Raw data
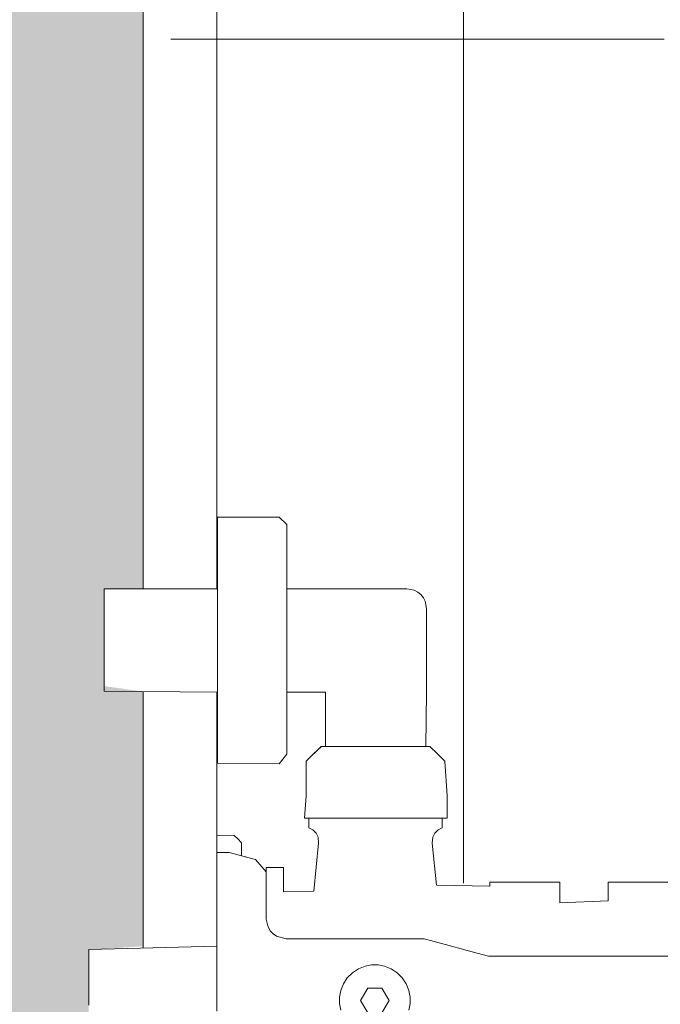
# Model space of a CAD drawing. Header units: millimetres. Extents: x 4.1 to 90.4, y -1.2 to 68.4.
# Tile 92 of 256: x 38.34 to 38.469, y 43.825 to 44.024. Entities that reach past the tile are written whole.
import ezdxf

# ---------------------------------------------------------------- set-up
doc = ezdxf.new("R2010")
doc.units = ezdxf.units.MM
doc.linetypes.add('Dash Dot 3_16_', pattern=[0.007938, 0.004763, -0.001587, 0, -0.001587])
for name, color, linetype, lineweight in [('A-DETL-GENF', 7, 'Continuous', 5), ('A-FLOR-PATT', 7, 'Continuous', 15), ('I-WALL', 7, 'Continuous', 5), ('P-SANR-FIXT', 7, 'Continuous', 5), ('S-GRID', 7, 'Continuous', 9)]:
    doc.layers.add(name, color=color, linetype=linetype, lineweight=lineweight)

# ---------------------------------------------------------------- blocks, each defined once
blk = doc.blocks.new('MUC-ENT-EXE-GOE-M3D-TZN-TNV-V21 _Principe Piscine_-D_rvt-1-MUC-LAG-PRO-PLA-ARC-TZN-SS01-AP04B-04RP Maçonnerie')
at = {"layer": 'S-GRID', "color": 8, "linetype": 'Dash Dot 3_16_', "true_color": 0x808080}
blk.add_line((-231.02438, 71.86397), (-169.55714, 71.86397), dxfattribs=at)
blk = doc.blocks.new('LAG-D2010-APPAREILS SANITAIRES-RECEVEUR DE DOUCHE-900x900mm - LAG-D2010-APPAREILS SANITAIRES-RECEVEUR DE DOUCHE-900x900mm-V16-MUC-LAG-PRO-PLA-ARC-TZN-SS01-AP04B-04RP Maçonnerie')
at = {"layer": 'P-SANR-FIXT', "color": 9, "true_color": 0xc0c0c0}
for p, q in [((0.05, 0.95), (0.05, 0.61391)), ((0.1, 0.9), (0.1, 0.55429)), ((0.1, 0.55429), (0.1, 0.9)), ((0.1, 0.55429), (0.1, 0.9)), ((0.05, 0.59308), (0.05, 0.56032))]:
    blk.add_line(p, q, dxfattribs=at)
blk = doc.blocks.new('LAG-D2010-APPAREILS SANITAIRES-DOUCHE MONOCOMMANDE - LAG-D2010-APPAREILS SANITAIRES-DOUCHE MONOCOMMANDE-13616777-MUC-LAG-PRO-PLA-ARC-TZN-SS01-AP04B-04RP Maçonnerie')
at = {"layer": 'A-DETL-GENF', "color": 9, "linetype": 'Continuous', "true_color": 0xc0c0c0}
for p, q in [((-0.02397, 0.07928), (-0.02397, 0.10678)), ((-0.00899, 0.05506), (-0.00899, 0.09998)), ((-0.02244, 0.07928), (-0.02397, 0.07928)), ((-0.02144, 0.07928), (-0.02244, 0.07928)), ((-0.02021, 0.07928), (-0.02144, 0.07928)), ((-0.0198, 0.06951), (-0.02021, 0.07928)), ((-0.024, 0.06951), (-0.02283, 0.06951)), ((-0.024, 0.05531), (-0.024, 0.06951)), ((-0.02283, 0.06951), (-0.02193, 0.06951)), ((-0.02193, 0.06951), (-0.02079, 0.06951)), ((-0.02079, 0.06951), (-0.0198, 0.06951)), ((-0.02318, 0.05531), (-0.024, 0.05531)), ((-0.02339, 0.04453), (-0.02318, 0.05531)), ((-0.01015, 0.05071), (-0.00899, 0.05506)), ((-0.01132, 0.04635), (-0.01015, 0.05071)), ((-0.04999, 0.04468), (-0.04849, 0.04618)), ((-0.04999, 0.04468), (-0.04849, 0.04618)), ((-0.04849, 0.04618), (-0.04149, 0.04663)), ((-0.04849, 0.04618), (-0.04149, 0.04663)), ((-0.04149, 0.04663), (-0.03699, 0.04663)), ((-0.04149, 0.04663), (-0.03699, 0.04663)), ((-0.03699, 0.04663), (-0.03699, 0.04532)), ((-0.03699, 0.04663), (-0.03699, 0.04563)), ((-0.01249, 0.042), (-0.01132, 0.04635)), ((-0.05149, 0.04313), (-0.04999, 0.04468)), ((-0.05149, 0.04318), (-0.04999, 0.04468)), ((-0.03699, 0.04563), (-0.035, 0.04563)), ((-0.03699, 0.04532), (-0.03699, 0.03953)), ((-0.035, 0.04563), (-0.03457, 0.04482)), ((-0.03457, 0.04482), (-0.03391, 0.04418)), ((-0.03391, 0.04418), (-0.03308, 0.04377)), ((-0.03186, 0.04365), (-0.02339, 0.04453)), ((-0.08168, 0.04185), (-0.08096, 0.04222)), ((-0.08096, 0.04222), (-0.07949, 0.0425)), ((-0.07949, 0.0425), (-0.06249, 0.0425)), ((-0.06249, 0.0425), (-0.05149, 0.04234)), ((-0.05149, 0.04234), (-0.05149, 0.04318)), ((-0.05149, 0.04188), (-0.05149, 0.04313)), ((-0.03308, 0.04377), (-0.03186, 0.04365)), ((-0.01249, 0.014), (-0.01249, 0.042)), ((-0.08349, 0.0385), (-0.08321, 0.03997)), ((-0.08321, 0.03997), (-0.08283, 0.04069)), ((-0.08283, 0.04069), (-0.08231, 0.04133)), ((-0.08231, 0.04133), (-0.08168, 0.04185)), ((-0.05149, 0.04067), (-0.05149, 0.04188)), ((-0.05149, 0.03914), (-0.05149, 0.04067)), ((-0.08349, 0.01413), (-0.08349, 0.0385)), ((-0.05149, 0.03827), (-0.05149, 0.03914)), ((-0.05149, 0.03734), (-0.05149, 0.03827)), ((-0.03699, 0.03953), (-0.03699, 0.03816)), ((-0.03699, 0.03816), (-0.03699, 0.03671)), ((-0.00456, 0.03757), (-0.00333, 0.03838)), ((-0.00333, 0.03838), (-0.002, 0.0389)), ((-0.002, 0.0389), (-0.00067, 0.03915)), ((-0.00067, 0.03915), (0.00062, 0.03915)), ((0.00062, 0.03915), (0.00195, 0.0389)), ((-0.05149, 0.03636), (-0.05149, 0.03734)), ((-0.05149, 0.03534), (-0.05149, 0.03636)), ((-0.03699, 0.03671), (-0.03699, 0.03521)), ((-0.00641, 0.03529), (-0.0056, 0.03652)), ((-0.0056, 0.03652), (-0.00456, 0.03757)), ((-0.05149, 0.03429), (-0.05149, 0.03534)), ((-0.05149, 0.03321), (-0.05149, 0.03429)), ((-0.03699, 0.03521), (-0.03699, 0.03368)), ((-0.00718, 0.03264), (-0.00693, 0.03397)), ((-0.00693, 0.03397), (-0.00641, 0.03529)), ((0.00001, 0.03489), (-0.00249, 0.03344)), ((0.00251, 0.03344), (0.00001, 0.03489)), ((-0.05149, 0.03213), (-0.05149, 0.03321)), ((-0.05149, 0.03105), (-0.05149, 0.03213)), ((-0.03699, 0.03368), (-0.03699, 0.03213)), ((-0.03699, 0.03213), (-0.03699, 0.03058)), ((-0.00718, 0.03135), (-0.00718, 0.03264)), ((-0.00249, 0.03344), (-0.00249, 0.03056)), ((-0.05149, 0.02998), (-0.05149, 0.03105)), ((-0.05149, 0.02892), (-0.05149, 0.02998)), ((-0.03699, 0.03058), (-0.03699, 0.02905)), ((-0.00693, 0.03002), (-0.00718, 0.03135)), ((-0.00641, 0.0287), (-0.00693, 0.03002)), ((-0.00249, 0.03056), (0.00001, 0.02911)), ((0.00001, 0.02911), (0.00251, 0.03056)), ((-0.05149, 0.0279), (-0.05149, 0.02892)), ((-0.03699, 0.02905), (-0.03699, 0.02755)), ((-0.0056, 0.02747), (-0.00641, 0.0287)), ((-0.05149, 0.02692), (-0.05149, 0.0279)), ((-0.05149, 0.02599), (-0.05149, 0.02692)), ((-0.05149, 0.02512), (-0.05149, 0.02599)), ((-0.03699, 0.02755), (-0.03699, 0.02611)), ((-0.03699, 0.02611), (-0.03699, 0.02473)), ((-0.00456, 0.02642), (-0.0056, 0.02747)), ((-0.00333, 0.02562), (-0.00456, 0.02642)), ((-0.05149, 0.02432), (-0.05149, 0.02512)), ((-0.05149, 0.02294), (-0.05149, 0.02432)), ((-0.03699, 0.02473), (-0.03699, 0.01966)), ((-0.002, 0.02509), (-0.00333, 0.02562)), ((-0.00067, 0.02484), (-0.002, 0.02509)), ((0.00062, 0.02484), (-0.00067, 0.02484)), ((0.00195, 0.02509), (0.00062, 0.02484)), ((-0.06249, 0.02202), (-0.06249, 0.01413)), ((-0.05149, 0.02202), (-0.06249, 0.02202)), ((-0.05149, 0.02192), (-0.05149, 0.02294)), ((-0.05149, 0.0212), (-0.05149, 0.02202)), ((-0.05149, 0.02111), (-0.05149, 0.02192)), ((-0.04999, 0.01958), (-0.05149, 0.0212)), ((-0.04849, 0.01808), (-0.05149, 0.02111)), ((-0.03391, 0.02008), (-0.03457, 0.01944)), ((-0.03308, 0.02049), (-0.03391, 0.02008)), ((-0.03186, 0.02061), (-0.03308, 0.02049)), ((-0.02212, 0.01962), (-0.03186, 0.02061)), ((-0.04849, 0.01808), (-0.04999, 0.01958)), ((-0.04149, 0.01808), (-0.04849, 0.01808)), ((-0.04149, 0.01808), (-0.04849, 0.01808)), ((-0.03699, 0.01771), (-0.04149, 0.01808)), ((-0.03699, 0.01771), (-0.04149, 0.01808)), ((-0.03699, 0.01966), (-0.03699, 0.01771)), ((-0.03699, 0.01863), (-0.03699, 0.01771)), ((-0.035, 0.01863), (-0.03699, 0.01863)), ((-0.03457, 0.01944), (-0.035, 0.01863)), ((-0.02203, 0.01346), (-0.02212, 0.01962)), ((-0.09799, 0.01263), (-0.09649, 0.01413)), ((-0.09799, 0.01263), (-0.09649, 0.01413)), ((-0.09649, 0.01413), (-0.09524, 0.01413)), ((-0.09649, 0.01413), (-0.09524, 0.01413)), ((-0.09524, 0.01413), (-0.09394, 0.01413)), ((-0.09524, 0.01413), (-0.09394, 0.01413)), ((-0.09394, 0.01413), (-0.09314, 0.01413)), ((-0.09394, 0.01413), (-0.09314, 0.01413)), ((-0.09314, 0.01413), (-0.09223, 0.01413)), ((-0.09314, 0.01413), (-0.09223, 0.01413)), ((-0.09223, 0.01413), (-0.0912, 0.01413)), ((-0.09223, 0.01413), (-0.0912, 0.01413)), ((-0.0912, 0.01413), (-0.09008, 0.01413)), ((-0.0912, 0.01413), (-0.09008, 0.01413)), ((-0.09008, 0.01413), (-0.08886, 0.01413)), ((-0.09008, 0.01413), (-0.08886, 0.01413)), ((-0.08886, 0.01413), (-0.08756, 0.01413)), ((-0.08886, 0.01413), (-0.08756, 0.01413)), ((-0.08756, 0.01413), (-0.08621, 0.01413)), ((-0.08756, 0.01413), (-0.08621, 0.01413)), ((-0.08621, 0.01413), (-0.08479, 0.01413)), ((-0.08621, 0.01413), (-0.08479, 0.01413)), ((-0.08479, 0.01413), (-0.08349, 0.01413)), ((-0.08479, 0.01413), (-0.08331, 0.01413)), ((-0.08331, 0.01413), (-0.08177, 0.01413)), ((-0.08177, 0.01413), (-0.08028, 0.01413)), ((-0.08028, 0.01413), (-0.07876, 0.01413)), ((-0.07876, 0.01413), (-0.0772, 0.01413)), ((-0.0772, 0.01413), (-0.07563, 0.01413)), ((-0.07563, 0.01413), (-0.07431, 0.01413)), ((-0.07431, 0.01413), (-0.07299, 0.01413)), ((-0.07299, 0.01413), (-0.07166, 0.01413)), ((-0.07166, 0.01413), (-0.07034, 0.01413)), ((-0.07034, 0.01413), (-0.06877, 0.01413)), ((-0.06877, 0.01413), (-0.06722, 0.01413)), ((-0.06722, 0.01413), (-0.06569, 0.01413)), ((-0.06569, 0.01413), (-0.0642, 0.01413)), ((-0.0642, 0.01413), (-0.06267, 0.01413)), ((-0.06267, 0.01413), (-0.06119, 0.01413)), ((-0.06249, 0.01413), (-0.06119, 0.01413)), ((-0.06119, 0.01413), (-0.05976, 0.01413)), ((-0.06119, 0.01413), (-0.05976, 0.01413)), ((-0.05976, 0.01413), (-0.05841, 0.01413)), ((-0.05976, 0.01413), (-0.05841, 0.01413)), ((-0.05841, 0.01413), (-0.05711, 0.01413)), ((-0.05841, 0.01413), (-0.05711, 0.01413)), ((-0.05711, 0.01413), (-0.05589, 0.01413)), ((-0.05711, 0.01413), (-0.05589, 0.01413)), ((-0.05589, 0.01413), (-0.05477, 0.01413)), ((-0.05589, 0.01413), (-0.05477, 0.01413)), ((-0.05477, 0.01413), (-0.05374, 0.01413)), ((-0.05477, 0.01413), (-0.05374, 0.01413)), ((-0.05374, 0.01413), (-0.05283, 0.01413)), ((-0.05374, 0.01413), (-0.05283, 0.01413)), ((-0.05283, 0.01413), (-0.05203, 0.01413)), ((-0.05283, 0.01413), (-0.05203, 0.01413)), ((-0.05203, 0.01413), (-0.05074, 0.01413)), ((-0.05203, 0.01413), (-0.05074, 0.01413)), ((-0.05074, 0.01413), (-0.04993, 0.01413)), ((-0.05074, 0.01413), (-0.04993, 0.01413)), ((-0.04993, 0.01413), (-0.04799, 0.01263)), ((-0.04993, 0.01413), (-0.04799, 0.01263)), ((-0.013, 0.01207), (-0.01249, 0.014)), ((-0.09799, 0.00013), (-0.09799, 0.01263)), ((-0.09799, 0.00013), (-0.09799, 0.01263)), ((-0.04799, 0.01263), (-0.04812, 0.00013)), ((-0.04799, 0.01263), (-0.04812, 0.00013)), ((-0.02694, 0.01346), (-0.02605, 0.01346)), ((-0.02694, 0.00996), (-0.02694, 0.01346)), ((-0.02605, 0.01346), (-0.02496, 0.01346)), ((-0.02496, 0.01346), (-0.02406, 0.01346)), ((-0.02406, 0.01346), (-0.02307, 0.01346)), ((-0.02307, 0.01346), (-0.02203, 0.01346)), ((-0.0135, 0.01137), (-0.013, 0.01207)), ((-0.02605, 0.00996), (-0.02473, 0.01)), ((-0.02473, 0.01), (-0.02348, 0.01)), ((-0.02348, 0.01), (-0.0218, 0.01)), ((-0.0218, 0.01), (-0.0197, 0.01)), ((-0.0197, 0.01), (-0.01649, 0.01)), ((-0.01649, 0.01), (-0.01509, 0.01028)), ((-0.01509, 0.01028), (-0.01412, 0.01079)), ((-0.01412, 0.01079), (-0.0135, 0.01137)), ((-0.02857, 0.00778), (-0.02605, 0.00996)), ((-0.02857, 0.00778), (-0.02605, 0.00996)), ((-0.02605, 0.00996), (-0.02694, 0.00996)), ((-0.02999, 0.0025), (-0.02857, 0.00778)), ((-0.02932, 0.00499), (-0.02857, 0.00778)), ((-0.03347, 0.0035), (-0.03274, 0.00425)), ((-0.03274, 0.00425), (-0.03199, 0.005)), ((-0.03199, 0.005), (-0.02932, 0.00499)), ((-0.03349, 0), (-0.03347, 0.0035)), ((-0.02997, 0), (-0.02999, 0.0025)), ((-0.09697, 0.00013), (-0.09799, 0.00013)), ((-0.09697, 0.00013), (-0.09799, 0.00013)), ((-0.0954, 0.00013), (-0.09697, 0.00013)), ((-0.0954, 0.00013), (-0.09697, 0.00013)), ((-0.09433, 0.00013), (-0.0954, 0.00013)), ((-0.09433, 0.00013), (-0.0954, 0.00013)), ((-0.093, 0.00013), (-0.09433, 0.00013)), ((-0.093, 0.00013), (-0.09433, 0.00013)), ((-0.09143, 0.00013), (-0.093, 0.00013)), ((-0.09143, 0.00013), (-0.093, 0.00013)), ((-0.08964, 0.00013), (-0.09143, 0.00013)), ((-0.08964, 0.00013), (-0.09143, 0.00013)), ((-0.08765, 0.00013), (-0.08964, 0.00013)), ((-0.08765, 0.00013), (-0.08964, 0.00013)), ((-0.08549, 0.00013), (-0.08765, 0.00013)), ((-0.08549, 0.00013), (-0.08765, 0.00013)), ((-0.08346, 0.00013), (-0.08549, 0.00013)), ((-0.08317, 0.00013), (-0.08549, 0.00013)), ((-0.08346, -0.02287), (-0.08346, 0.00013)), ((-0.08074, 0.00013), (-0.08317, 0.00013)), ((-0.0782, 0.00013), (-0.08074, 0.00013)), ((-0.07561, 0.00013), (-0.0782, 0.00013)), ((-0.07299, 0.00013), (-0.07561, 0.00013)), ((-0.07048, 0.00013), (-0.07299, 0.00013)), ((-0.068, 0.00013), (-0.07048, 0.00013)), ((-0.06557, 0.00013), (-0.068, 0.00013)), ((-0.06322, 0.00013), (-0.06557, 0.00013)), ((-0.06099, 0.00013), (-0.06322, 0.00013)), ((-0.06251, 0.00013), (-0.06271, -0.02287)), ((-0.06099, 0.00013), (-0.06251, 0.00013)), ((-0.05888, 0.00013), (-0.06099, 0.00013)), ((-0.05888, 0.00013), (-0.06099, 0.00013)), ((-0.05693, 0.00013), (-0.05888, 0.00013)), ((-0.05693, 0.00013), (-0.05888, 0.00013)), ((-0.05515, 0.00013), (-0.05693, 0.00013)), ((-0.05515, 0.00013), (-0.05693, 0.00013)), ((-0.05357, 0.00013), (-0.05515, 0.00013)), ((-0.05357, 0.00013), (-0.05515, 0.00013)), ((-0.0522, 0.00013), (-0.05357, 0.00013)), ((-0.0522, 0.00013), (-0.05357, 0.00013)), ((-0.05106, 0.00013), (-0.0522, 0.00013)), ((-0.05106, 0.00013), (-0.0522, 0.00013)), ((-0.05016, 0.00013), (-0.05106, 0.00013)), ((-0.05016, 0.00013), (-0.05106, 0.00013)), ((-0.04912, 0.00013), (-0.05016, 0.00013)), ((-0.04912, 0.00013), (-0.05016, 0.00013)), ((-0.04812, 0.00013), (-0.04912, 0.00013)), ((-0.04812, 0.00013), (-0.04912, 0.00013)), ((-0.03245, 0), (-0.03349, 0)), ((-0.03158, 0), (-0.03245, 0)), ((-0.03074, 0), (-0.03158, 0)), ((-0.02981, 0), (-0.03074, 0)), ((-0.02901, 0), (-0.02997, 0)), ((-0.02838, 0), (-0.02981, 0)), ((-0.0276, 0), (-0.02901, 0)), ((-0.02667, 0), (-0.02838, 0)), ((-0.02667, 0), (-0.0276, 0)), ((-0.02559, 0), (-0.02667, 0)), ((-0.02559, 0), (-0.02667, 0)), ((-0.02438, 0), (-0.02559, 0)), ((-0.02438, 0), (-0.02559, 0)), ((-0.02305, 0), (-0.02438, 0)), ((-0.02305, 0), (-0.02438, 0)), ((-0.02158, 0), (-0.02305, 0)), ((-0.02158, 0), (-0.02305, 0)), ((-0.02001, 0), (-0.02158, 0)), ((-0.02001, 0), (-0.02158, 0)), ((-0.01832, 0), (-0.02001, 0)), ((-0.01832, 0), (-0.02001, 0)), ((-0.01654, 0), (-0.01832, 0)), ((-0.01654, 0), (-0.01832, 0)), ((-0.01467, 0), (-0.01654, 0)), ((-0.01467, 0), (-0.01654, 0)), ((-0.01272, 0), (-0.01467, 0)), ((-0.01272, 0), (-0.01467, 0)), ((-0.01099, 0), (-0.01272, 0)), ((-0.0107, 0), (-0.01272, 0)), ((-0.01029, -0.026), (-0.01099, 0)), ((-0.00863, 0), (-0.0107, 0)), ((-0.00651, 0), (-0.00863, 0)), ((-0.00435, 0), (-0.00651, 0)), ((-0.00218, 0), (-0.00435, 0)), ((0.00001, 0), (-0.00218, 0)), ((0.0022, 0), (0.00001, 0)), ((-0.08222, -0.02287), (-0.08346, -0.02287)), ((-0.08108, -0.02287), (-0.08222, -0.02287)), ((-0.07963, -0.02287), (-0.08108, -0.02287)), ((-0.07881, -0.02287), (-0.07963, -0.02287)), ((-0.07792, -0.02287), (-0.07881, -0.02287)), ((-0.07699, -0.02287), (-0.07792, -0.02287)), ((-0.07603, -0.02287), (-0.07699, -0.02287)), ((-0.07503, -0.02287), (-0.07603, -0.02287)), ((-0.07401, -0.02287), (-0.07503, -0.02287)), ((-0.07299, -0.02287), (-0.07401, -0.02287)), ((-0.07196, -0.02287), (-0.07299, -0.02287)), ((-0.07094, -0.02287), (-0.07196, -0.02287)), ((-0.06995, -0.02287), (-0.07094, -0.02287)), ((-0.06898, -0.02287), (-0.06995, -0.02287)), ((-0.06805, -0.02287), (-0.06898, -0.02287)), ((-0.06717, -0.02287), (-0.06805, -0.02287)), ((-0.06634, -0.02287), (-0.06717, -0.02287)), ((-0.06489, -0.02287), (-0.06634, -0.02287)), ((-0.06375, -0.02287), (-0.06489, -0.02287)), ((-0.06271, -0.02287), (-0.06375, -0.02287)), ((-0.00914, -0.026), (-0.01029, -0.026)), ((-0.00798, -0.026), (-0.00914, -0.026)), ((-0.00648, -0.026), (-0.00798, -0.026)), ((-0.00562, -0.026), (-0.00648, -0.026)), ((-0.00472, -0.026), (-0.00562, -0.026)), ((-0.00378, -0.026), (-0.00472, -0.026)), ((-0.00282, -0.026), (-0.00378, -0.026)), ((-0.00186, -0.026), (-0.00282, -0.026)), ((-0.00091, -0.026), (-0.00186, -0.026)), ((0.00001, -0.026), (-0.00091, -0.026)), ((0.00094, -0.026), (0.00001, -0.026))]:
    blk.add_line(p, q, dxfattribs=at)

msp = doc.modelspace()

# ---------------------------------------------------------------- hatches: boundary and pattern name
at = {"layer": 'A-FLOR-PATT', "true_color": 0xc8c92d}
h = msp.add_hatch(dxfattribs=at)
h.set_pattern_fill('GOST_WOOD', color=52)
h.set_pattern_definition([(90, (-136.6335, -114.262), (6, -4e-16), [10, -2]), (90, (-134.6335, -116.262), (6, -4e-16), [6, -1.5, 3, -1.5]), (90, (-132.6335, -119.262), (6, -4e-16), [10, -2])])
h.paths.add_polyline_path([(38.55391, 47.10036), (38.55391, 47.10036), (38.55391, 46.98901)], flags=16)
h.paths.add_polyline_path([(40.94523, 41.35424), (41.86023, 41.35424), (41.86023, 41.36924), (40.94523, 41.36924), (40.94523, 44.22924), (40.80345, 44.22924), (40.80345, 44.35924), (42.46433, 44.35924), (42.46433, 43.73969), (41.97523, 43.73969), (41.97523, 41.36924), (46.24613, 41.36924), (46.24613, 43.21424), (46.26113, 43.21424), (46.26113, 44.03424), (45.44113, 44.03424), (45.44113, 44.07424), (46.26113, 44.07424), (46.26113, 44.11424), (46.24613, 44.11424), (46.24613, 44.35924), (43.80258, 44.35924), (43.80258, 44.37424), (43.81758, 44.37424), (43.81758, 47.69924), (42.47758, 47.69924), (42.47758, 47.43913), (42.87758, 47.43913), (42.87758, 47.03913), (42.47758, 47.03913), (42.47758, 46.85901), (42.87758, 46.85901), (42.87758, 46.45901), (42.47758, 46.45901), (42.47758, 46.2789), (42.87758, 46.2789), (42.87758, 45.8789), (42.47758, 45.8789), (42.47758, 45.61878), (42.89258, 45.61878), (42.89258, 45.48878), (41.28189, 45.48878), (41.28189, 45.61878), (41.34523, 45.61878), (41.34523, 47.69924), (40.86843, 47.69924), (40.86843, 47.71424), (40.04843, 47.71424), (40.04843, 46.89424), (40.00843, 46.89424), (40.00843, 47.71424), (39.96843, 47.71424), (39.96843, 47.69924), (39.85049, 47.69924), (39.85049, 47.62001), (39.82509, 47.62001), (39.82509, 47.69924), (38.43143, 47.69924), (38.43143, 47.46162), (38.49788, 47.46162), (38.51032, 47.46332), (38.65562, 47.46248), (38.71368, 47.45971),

Task item
Start at the top of the entries and repeat each line exactly, ending at the line that contains "-0.001587, 0, -0.001587])". Pictures are not part of the copy.

Task solution
# Model space of a CAD drawing. Header units: millimetres. Extents: x 4.1 to 90.4, y -1.2 to 68.4.
# Tile 92 of 256: x 38.34 to 38.469, y 43.825 to 44.024. Entities that reach past the tile are written whole.
import ezdxf

# ---------------------------------------------------------------- set-up
doc = ezdxf.new("R2010")
doc.units = ezdxf.units.MM
doc.linetypes.add('Dash Dot 3_16_', pattern=[0.007938, 0.004763, -0.001587, 0, -0.001587])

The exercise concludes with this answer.